EXTRACTED DATA section start

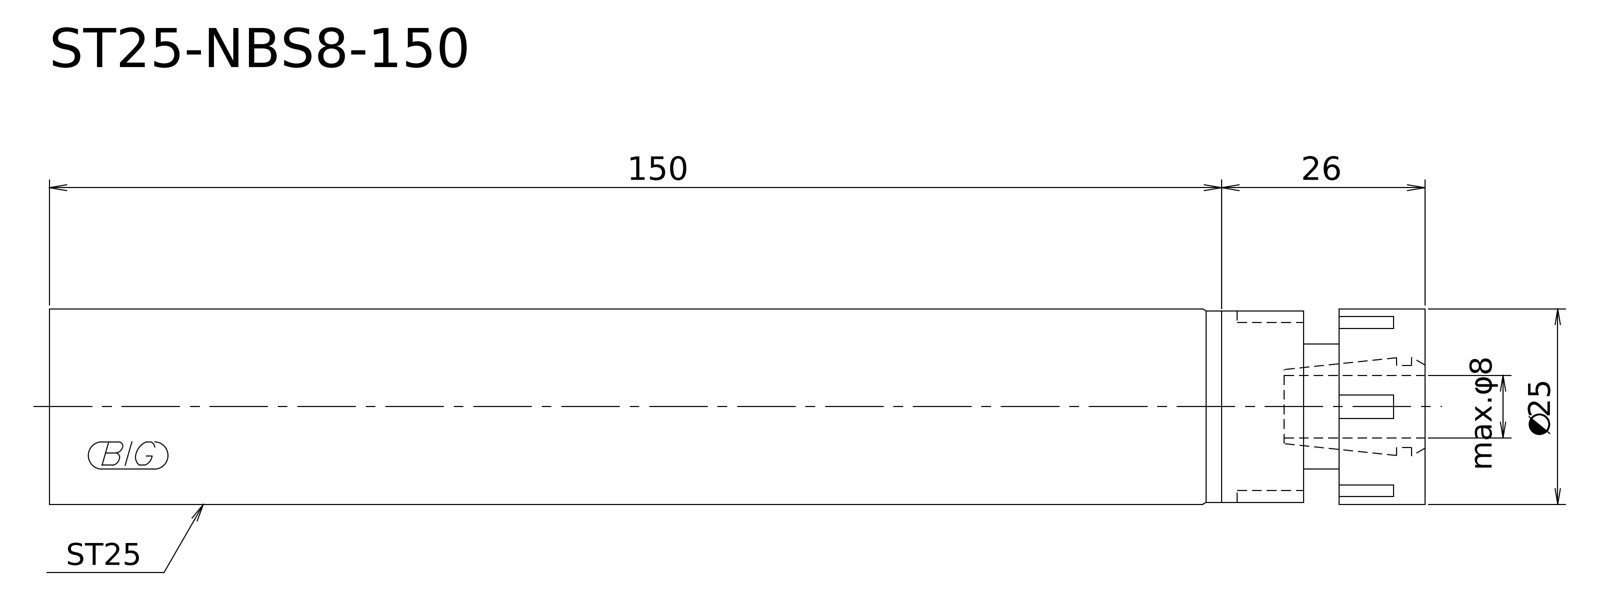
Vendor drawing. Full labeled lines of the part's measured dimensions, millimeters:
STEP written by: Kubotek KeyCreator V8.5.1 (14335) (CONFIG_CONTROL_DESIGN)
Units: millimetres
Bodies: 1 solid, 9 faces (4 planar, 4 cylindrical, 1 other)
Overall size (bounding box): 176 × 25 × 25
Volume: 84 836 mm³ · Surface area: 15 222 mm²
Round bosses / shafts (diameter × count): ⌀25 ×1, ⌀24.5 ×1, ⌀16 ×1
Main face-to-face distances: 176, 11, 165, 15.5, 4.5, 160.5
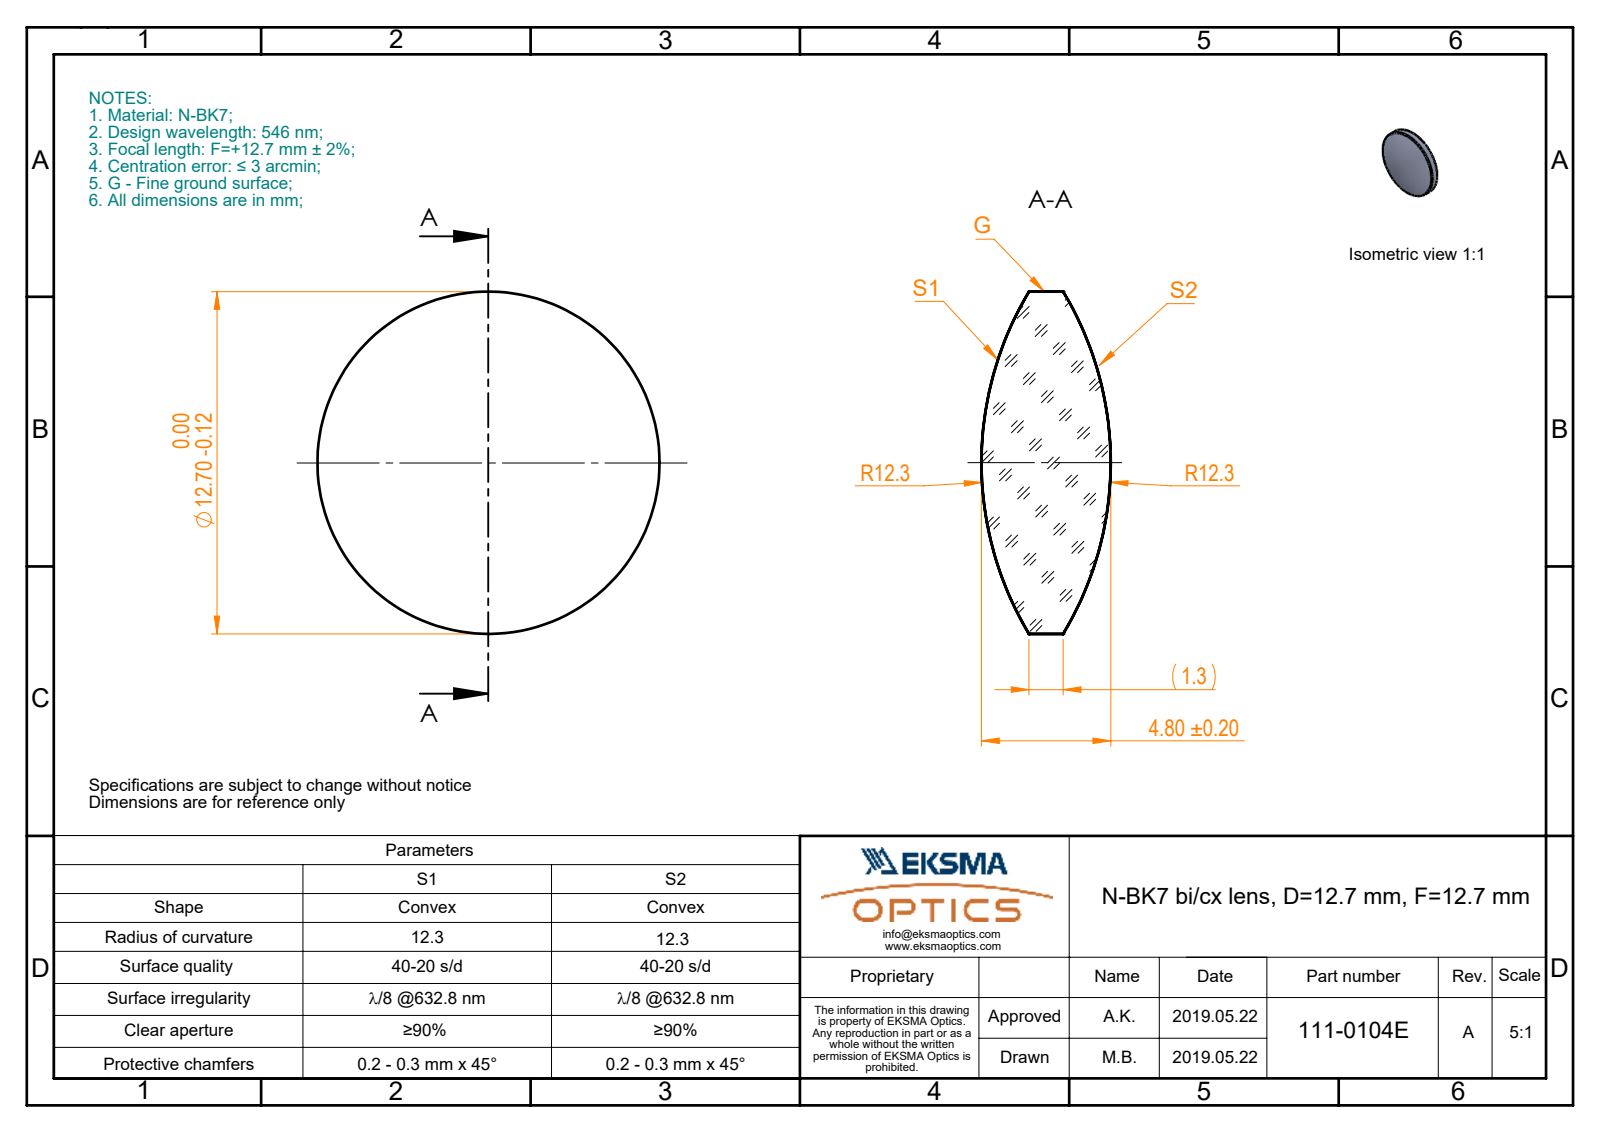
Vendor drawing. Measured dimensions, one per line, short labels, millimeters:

EXTRACTED DATA section end

Quote the records above in full, dropping each picture.

--- ANSWER FOR THE TASK ---
Vendor drawing. Full labeled lines of the part's measured dimensions, millimeters:
STEP written by: Kubotek KeyCreator V8.5.1 (14335) (CONFIG_CONTROL_DESIGN)
Units: millimetres
Bodies: 1 solid, 9 faces (4 planar, 4 cylindrical, 1 other)
Overall size (bounding box): 176 × 25 × 25
Volume: 84 836 mm³ · Surface area: 15 222 mm²
Round bosses / shafts (diameter × count): ⌀25 ×1, ⌀24.5 ×1, ⌀16 ×1
Main face-to-face distances: 176, 11, 165, 15.5, 4.5, 160.5
Vendor drawing. Measured dimensions, one per line, short labels, millimeters:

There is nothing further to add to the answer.